Uhrenhändler unbemerkt abgemahnt

Sagen Ihnen die Anwälte Waldorf Frommer aus München etwas? Ein befreundeter Uhrenhändler aus München erzählte mir neulich eine Geschichte, die mein Interesse weckte. Der Inhaber eines Geschäfts für Armbanduhren, Taschenuhren und Schreibtischuhren aus München hatte im Internet bei Amazon eine tolle Quarzuhr gesehen. Quarzuhren sind heute eher selten geworden, weil zunehmend Automatikuhren und Funkuhren verkauft werden. Das Sammlerstück stammte aus dem Jahr 1927 und war eine der ersten Quarzuhren, die je gebaut wurden. Nicht so genau wie eine Atomuhr, aber ein echtes Schätzchen und extrem wertvoll, weil sie zudem eine Lünette aus einem Gold besaß.

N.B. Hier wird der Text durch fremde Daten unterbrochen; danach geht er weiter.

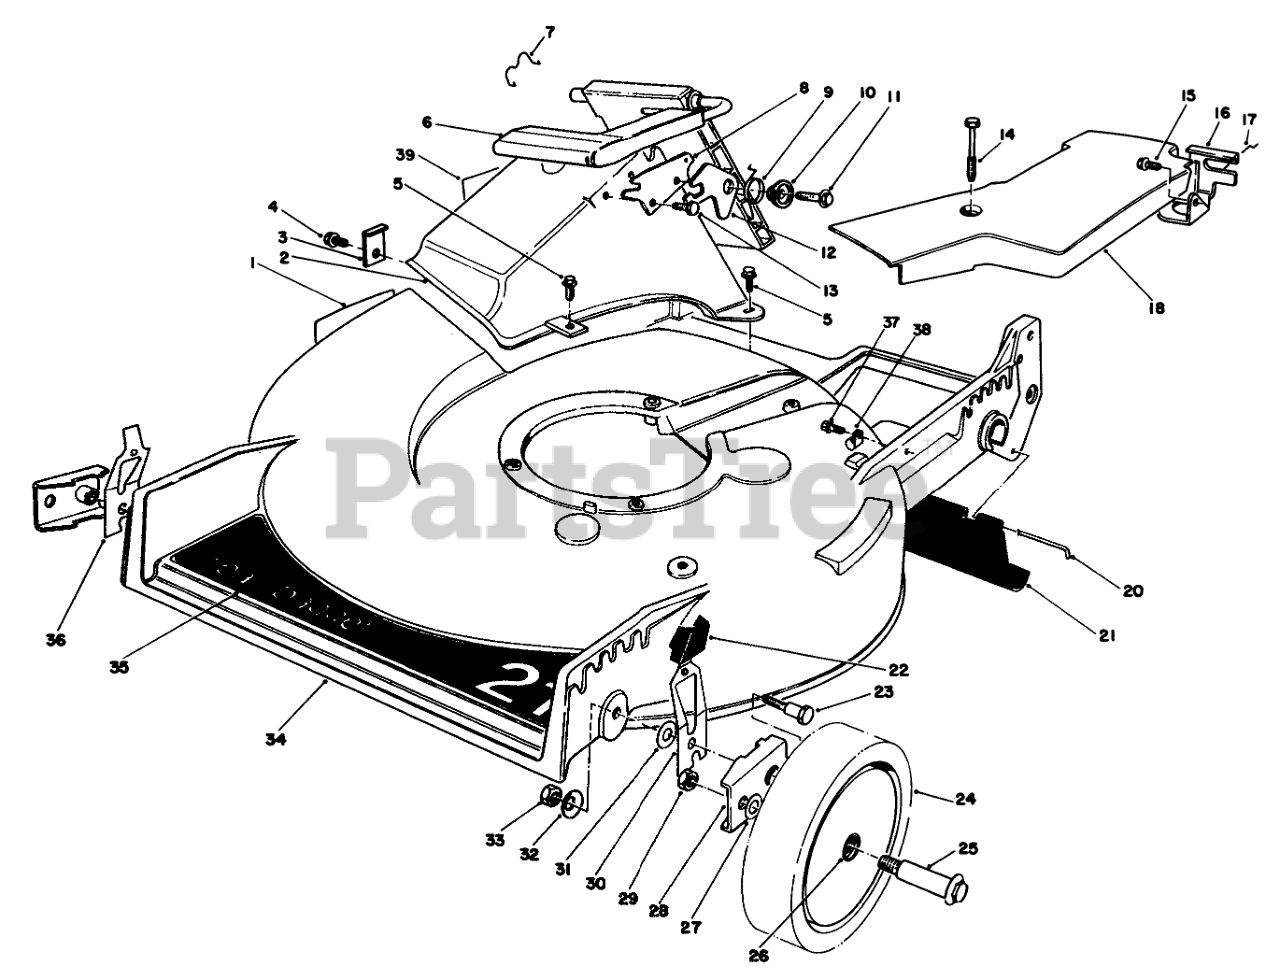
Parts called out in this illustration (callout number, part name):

Mein Kollege kontaktierte also den Verkäufer bei Amazon und wollte wissen, wie er die Uhr erwerben kann. Leider war ein anderer Uhrensammler schneller und hatte den begehrten Zeitmesser bereits gekauft. Die Enttäuschung war groß, die Zeit war reif für eine kleine Ablenkung.

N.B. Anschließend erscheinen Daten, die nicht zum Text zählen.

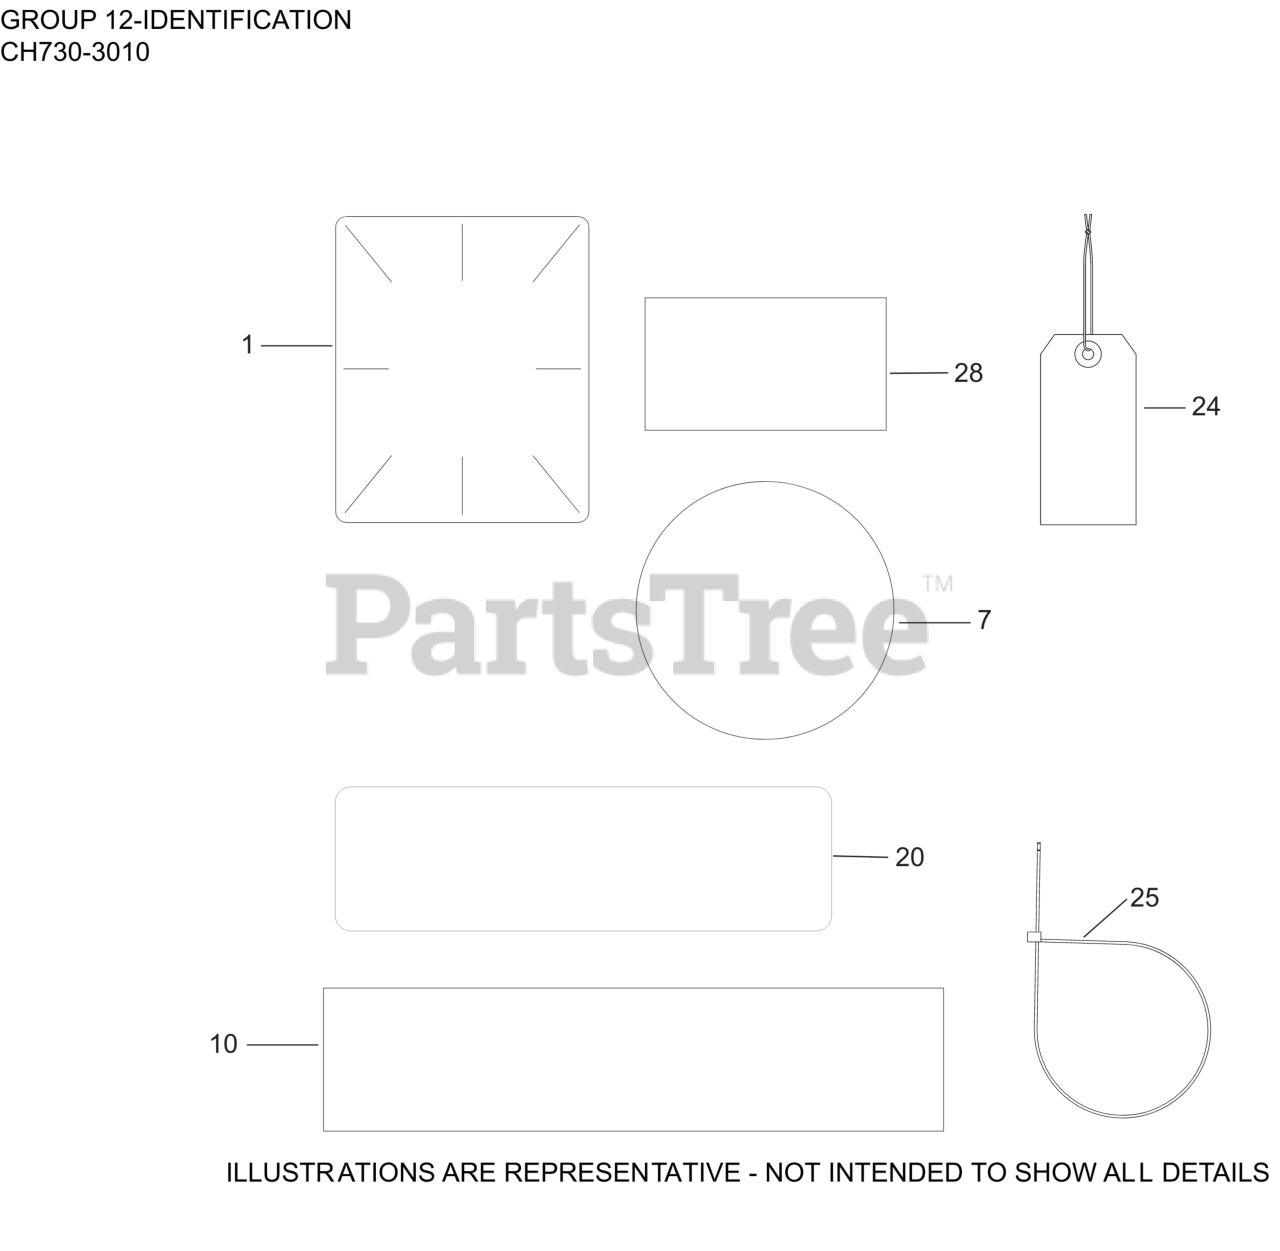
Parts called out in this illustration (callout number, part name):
1	LABEL, CLEAR LAMINATION
7	LABEL, GRASS SCREEN
10	DECAL, STOPPING INSTRUCTION
20	DECAL LPAC, 23.5 HP/725cc/CH730
24	TAG, HANG (OIL SENTRY)
28	DECAL, USA

Obwohl es schon spät war, ging mein Bekannter noch einmal ins Internet und schaute, ob er vielleicht eine schöne Digitaluhr ergattern könnte. Seine kleine Tochter hatte aber offensichtlich eine Internet-Tauschbörse auf den PC geladen. Mein Freund war mit diesen Musiktauschbörsen nicht sonderlich vertraut, er war schon etwas älter und der Zahn der Zeit hatte an ihm genagt. Daher bemerkte er nicht, dass die Anwälte Waldorf Frommer über eine antipiracy-Firma seine IP-Adresse loggten, weil sein PC im Hintergrund ein Hörbuch von Harry Potter herunterlud, das seine kleine Tochter gerne haben wollte.

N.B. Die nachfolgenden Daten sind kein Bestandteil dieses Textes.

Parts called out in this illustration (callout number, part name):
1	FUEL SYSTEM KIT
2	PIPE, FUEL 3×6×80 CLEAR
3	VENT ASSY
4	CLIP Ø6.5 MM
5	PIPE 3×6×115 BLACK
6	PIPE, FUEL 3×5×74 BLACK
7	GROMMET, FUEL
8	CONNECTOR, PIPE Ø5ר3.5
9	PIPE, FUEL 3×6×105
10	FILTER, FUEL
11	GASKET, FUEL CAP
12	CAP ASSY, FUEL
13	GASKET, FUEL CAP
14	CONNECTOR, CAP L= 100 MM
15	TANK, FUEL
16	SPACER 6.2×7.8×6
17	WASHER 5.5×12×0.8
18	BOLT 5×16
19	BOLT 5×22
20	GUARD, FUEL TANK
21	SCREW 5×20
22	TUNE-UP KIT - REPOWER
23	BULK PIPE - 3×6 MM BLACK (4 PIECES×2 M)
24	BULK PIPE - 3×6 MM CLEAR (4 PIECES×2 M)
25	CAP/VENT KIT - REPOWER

Die Abmahnung ließ nicht lange auf sich warten. Wenige Tage später ging mein Freund zu seinem Briefkasten und fischte eine Abmahnung der Anwälte Waldorf Frommer aus München aus seiner Post. Ihm wurde mitgeteilt, dass die Kanzlei den Hörbuchverlag vertritt, welcher die Harry-Potter-Hörbücher vertreibt. Er sollte eine strafbewehrte Unterlassungserklärung abgeben und 856,00 Euro Schadensersatz zahlen. Viel Geld dafür, dass er eigentlich eine Quarzuhr im Internet gesucht hatte. Zum Glück konnte sich der Uhrenhändler mit der Hilfe einer spezialisierten Rechtsanwaltskanzlei aus Marburg aus der Affäre ziehen. Das hätte schnell ins Auge gehen können, aber die Marburger Rechtsanwälte nahmen sich viel Zeit für meinen Kollegen. Sie konnten sogar ein kleines Fachgespräch über Automatikuhren führen, weil die Rechtsanwälte aus Marburg (www.haftungsrecht.com) viele Abgemahnte vertreten, die mit Uhrenplagiaten handeln. Glück gehabt!

Mein Kollege wird um Tauschbörsen im Internet künftig einen großen Bogen machen und lieber nach einer schönen anlogen Uhr Aussicht halten. Da versteht er halt mehr von.